Dr. Antonia Altomare agrees. Altomare is an infectious diseases specialist and head of infection control at Dartmouth-Hitchcock Medical Center, where I work. When we met, her computer screen was filled with a dizzying array of graphs and spreadsheets representing the up-to-date rates of infectious diseases in children in our hospital. Pointing to one graph, Altomare recounted how her team addressed an outbreak of staphylococcal infections among neonates in our hospital a few years ago by enhancing hand-washing efforts among all staff and even quarantining some high-risk patients.

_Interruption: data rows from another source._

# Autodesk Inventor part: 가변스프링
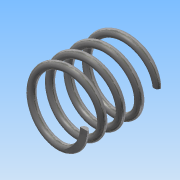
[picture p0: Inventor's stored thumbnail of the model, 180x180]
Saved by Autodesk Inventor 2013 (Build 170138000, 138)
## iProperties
Created: 2017-07
Part Number: 가변스프링
Material: 스테인리스강
Document SubType Name: Modeling
Designer: Administrator
Density: 8.08 g/cm^3
Mass: 5.30916 g
Surface Area: 13.3836 cm^2
Volume: 0.657075 cm^3
Author: Administrator
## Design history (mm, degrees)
sketch "스케치1"
  geometry: L1 (8.5, 0)-(0, 0); L2 (0, 0)-(0, 20.5); L3 (0, 20.5)-(8.5, 20.5); C1 r 1 at (8.5, 0)
  constraints: 6 end point, 1 centre point, 1 horizontal, 1 horizontal alignment, 1 parallel, 1 perpendicular
  dimensions: "d0" = 2 diameter of C1; "d1" = 8.5 distance of L1.start L1.end; "d2" = 8.5 distance of L2.end L3.end; "d3" = 20.5 distance of L1.end L2.end (derived)
feature "코일2" sketch "스케치1" pitch "d17" = 10; turns "d19" = 4; dims "d18" = 20.5 (= d3), "d20" = 0, angle "d21" = 90 deg, angle "d22" = 90 deg, "d23" = 0, "d24" = 0
sketch "스케치3"
  geometry: L1 (0, 15)-(20.5, 15); L2 (20.5, 15)-(20.5, -15); L3 (20.5, -15)-(0, -15); L4 (0, -15)-(0, 15); 2 further points
  constraints: 8 end point, 2 parallel, 1 coincident, 1 horizontal, 1 midpoint, 1 perpendicular
  dimensions: "d25" = 30 distance of L1.end L2.end; "d27" = 20.5 distance of L1.start L1.end (derived)
extrude "돌출2" sketch "스케치3" stored distance "d28" = 30; taper "d29" = 0 deg
node "솔리드2"

Such efforts to keep children safe from infections can be expensive for hospitals. Most hospitals generate revenue by doing more procedures and seeing more patients. By contrast, when hospitals pay people like Dr. Altomare to track and stamp out hospital infections in children, she cannot bill insurance companies for her work, so that money is all investment in prevention. In fact, now that Medicare no longer pays hospitals to treat hospital-acquired infections, hospital revenues are even lower for this work.

Lee sees this change of Medicare policy as a good development. Lee and co-authors argued the old approach set up “perverse financial incentives” in which, as Lee says, “it was possible to have complications of care occur result in higher payment.” Yet Lee reports we have not yet figured out the optimal way to incentivize infection control measures in hospitals. As a result, during budget cuts today, hospital administrators may be tempted to cut funding for programs that prevent infections in children tomorrow.

As I passed her on the way out of the NICU, I waved to the desk clerk.

“Doctor!” she yelled after me.

“What is it this time?” I thought as she ran up behind me again.

“You forgot your laptop!” she said, handing it to me.

I walked out of the NICU with my laptop in hand, feeling grateful for people like her who keep our children safe and the rest of us in line.

Tim Lahey, MD, is an infectious diseases specialist and associate professor of medicine at Dartmouth's Geisel School of Medicine. He writes regularly at MedMurmurs.